┌────────
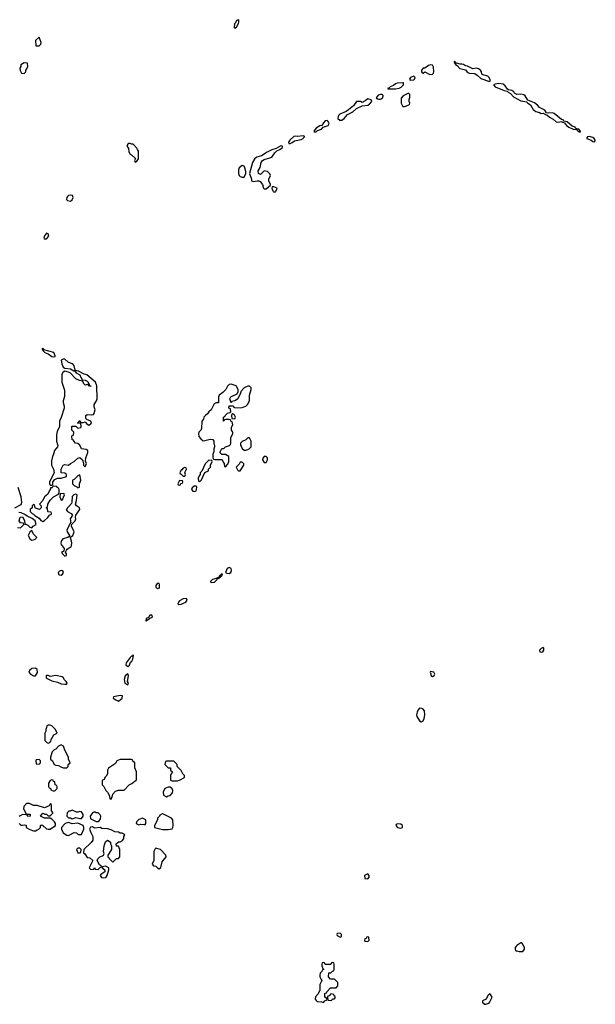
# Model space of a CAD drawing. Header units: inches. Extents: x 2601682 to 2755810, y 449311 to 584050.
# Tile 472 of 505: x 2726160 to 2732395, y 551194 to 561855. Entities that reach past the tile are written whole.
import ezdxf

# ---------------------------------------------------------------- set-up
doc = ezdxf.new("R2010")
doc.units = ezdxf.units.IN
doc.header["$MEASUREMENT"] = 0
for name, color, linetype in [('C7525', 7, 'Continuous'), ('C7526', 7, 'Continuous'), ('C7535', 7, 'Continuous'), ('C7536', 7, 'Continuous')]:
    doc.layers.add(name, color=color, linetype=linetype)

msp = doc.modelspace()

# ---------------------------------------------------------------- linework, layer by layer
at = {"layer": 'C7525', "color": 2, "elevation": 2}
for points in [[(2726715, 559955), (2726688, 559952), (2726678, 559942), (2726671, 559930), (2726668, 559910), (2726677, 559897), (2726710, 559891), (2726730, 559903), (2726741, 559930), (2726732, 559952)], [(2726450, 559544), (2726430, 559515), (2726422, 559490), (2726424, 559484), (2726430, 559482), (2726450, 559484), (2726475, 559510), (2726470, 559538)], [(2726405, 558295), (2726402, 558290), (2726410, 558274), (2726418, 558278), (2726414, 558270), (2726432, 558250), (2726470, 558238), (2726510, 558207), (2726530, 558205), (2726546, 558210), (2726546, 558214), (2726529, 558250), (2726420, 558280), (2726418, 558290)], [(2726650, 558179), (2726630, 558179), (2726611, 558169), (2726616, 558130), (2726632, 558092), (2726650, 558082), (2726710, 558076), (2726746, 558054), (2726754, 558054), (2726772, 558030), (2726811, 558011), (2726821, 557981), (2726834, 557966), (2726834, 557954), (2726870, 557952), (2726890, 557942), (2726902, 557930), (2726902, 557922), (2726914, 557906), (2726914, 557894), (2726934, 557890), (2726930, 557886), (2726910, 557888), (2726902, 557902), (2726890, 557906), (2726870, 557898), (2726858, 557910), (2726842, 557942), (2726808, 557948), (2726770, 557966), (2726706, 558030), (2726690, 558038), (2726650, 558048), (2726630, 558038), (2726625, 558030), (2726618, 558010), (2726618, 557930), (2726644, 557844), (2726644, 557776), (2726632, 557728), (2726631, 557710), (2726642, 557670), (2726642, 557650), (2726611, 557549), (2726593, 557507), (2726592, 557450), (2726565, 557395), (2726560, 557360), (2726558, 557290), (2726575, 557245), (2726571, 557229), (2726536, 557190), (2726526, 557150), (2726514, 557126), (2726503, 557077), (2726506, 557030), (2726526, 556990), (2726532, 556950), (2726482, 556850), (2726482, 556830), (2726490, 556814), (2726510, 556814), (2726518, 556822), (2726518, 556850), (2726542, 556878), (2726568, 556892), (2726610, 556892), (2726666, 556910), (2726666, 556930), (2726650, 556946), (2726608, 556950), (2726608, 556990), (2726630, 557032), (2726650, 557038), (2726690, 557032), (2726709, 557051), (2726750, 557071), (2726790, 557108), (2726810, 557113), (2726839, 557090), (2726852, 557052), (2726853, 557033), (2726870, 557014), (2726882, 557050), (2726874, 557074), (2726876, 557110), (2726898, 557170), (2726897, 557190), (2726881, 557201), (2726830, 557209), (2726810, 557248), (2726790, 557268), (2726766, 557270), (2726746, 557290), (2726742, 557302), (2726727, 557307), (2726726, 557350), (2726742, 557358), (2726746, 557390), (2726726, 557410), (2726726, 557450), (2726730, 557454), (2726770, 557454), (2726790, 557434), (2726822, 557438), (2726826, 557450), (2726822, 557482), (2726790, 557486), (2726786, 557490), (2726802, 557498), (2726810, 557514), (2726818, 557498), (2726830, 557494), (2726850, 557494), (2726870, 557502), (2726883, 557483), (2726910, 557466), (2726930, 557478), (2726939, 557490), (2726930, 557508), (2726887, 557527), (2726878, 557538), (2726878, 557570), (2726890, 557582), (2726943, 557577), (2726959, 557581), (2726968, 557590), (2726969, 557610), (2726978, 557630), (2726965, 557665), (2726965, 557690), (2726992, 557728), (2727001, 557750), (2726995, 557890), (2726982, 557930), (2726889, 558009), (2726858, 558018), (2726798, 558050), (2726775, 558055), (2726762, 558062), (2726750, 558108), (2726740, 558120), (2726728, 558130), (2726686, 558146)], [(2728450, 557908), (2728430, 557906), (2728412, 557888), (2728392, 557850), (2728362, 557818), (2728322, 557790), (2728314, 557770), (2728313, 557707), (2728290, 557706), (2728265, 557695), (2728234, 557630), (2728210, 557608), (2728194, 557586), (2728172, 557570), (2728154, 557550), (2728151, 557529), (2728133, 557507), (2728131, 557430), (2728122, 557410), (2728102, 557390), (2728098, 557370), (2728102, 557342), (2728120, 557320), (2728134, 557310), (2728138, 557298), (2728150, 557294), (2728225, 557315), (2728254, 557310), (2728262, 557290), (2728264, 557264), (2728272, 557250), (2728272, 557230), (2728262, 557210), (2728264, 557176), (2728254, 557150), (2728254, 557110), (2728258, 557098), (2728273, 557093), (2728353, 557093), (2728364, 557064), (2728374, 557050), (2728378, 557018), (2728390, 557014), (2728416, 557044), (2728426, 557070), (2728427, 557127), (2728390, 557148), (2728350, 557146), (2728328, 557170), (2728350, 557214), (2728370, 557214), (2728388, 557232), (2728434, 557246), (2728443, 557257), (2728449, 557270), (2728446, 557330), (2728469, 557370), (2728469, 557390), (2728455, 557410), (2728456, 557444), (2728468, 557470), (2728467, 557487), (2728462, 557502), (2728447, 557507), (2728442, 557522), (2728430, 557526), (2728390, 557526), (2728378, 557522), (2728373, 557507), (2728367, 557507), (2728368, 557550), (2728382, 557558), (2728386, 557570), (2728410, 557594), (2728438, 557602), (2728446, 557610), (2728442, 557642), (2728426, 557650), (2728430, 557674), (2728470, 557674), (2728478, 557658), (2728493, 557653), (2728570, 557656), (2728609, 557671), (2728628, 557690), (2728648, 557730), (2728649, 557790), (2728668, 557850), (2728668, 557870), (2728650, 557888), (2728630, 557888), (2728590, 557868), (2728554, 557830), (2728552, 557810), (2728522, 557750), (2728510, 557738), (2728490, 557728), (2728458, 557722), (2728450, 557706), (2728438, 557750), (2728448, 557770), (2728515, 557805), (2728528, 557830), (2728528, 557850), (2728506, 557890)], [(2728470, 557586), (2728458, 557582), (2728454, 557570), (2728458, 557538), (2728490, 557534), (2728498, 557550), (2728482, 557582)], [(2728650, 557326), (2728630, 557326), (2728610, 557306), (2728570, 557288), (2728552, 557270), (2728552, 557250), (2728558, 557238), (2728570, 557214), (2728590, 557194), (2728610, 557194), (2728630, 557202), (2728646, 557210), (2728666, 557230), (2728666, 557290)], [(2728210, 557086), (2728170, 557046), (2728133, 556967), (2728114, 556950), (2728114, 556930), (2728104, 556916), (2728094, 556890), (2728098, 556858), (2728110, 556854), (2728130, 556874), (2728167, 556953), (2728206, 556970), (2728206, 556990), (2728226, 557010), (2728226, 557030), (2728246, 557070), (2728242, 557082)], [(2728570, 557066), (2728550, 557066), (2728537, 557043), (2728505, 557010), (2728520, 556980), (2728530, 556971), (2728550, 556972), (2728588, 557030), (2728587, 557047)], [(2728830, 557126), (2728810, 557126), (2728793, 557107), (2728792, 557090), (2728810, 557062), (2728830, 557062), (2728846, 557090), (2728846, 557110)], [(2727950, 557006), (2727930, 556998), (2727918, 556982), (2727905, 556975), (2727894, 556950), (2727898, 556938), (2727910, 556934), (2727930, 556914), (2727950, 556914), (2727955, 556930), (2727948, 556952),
└────────
Make an exact reproduction of the listing above, without any pictures.

# Model space of a CAD drawing. Header units: inches. Extents: x 2601682 to 2755810, y 449311 to 584050.
# Tile 472 of 505: x 2726160 to 2732395, y 551194 to 561855. Entities that reach past the tile are written whole.
import ezdxf

# ---------------------------------------------------------------- set-up
doc = ezdxf.new("R2010")
doc.units = ezdxf.units.IN
doc.header["$MEASUREMENT"] = 0
for name, color, linetype in [('C7525', 7, 'Continuous'), ('C7526', 7, 'Continuous'), ('C7535', 7, 'Continuous'), ('C7536', 7, 'Continuous')]:
    doc.layers.add(name, color=color, linetype=linetype)

msp = doc.modelspace()

# ---------------------------------------------------------------- linework, layer by layer
at = {"layer": 'C7525', "color": 2, "elevation": 2}
for points in [[(2726715, 559955), (2726688, 559952), (2726678, 559942), (2726671, 559930), (2726668, 559910), (2726677, 559897), (2726710, 559891), (2726730, 559903), (2726741, 559930), (2726732, 559952)], [(2726450, 559544), (2726430, 559515), (2726422, 559490), (2726424, 559484), (2726430, 559482), (2726450, 559484), (2726475, 559510), (2726470, 559538)], [(2726405, 558295), (2726402, 558290), (2726410, 558274), (2726418, 558278), (2726414, 558270), (2726432, 558250), (2726470, 558238), (2726510, 558207), (2726530, 558205), (2726546, 558210), (2726546, 558214), (2726529, 558250), (2726420, 558280), (2726418, 558290)], [(2726650, 558179), (2726630, 558179), (2726611, 558169), (2726616, 558130), (2726632, 558092), (2726650, 558082), (2726710, 558076), (2726746, 558054), (2726754, 558054), (2726772, 558030), (2726811, 558011), (2726821, 557981), (2726834, 557966), (2726834, 557954), (2726870, 557952), (2726890, 557942), (2726902, 557930), (2726902, 557922), (2726914, 557906), (2726914, 557894), (2726934, 557890), (2726930, 557886), (2726910, 557888), (2726902, 557902), (2726890, 557906), (2726870, 557898), (2726858, 557910), (2726842, 557942), (2726808, 557948), (2726770, 557966), (2726706, 558030), (2726690, 558038), (2726650, 558048), (2726630, 558038), (2726625, 558030), (2726618, 558010), (2726618, 557930), (2726644, 557844), (2726644, 557776), (2726632, 557728), (2726631, 557710), (2726642, 557670), (2726642, 557650), (2726611, 557549), (2726593, 557507), (2726592, 557450), (2726565, 557395), (2726560, 557360), (2726558, 557290), (2726575, 557245), (2726571, 557229), (2726536, 557190), (2726526, 557150), (2726514, 557126), (2726503, 557077), (2726506, 557030), (2726526, 556990), (2726532, 556950), (2726482, 556850), (2726482, 556830), (2726490, 556814), (2726510, 556814), (2726518, 556822), (2726518, 556850), (2726542, 556878), (2726568, 556892), (2726610, 556892), (2726666, 556910), (2726666, 556930), (2726650, 556946), (2726608, 556950), (2726608, 556990), (2726630, 557032), (2726650, 557038), (2726690, 557032), (2726709, 557051), (2726750, 557071), (2726790, 557108), (2726810, 557113), (2726839, 557090), (2726852, 557052), (2726853, 557033), (2726870, 557014), (2726882, 557050), (2726874, 557074), (2726876, 557110), (2726898, 557170), (2726897, 557190), (2726881, 557201), (2726830, 557209), (2726810, 557248), (2726790, 557268), (2726766, 557270), (2726746, 557290), (2726742, 557302), (2726727, 557307), (2726726, 557350), (2726742, 557358), (2726746, 557390), (2726726, 557410), (2726726, 557450), (2726730, 557454), (2726770, 557454), (2726790, 557434), (2726822, 557438), (2726826, 557450), (2726822, 557482), (2726790, 557486), (2726786, 557490), (2726802, 557498), (2726810, 557514), (2726818, 557498), (2726830, 557494), (2726850, 557494), (2726870, 557502), (2726883, 557483), (2726910, 557466), (2726930, 557478), (2726939, 557490), (2726930, 557508), (2726887, 557527), (2726878, 557538), (2726878, 557570), (2726890, 557582), (2726943, 557577), (2726959, 557581), (2726968, 557590), (2726969, 557610), (2726978, 557630), (2726965, 557665), (2726965, 557690), (2726992, 557728), (2727001, 557750), (2726995, 557890), (2726982, 557930), (2726889, 558009), (2726858, 558018), (2726798, 558050), (2726775, 558055), (2726762, 558062), (2726750, 558108), (2726740, 558120), (2726728, 558130), (2726686, 558146)], [(2728450, 557908), (2728430, 557906), (2728412, 557888), (2728392, 557850), (2728362, 557818), (2728322, 557790), (2728314, 557770), (2728313, 557707), (2728290, 557706), (2728265, 557695), (2728234, 557630), (2728210, 557608), (2728194, 557586), (2728172, 557570), (2728154, 557550), (2728151, 557529), (2728133, 557507), (2728131, 557430), (2728122, 557410), (2728102, 557390), (2728098, 557370), (2728102, 557342), (2728120, 557320), (2728134, 557310), (2728138, 557298), (2728150, 557294), (2728225, 557315), (2728254, 557310), (2728262, 557290), (2728264, 557264), (2728272, 557250), (2728272, 557230), (2728262, 557210), (2728264, 557176), (2728254, 557150), (2728254, 557110), (2728258, 557098), (2728273, 557093), (2728353, 557093), (2728364, 557064), (2728374, 557050), (2728378, 557018), (2728390, 557014), (2728416, 557044), (2728426, 557070), (2728427, 557127), (2728390, 557148), (2728350, 557146), (2728328, 557170), (2728350, 557214), (2728370, 557214), (2728388, 557232), (2728434, 557246), (2728443, 557257), (2728449, 557270), (2728446, 557330), (2728469, 557370), (2728469, 557390), (2728455, 557410), (2728456, 557444), (2728468, 557470), (2728467, 557487), (2728462, 557502), (2728447, 557507), (2728442, 557522), (2728430, 557526), (2728390, 557526), (2728378, 557522), (2728373, 557507), (2728367, 557507), (2728368, 557550), (2728382, 557558), (2728386, 557570), (2728410, 557594), (2728438, 557602), (2728446, 557610), (2728442, 557642), (2728426, 557650), (2728430, 557674), (2728470, 557674), (2728478, 557658), (2728493, 557653), (2728570, 557656), (2728609, 557671), (2728628, 557690), (2728648, 557730), (2728649, 557790), (2728668, 557850), (2728668, 557870), (2728650, 557888), (2728630, 557888), (2728590, 557868), (2728554, 557830), (2728552, 557810), (2728522, 557750), (2728510, 557738), (2728490, 557728), (2728458, 557722), (2728450, 557706), (2728438, 557750), (2728448, 557770), (2728515, 557805), (2728528, 557830), (2728528, 557850), (2728506, 557890)], [(2728470, 557586), (2728458, 557582), (2728454, 557570), (2728458, 557538), (2728490, 557534), (2728498, 557550), (2728482, 557582)], [(2728650, 557326), (2728630, 557326), (2728610, 557306), (2728570, 557288), (2728552, 557270), (2728552, 557250), (2728558, 557238), (2728570, 557214), (2728590, 557194), (2728610, 557194), (2728630, 557202), (2728646, 557210), (2728666, 557230), (2728666, 557290)], [(2728210, 557086), (2728170, 557046), (2728133, 556967), (2728114, 556950), (2728114, 556930), (2728104, 556916), (2728094, 556890), (2728098, 556858), (2728110, 556854), (2728130, 556874), (2728167, 556953), (2728206, 556970), (2728206, 556990), (2728226, 557010), (2728226, 557030), (2728246, 557070), (2728242, 557082)], [(2728570, 557066), (2728550, 557066), (2728537, 557043), (2728505, 557010), (2728520, 556980), (2728530, 556971), (2728550, 556972), (2728588, 557030), (2728587, 557047)], [(2728830, 557126), (2728810, 557126), (2728793, 557107), (2728792, 557090), (2728810, 557062), (2728830, 557062), (2728846, 557090), (2728846, 557110)], [(2727950, 557006), (2727930, 556998), (2727918, 556982), (2727905, 556975), (2727894, 556950), (2727898, 556938), (2727910, 556934), (2727930, 556914), (2727950, 556914), (2727955, 556930), (2727948, 556952),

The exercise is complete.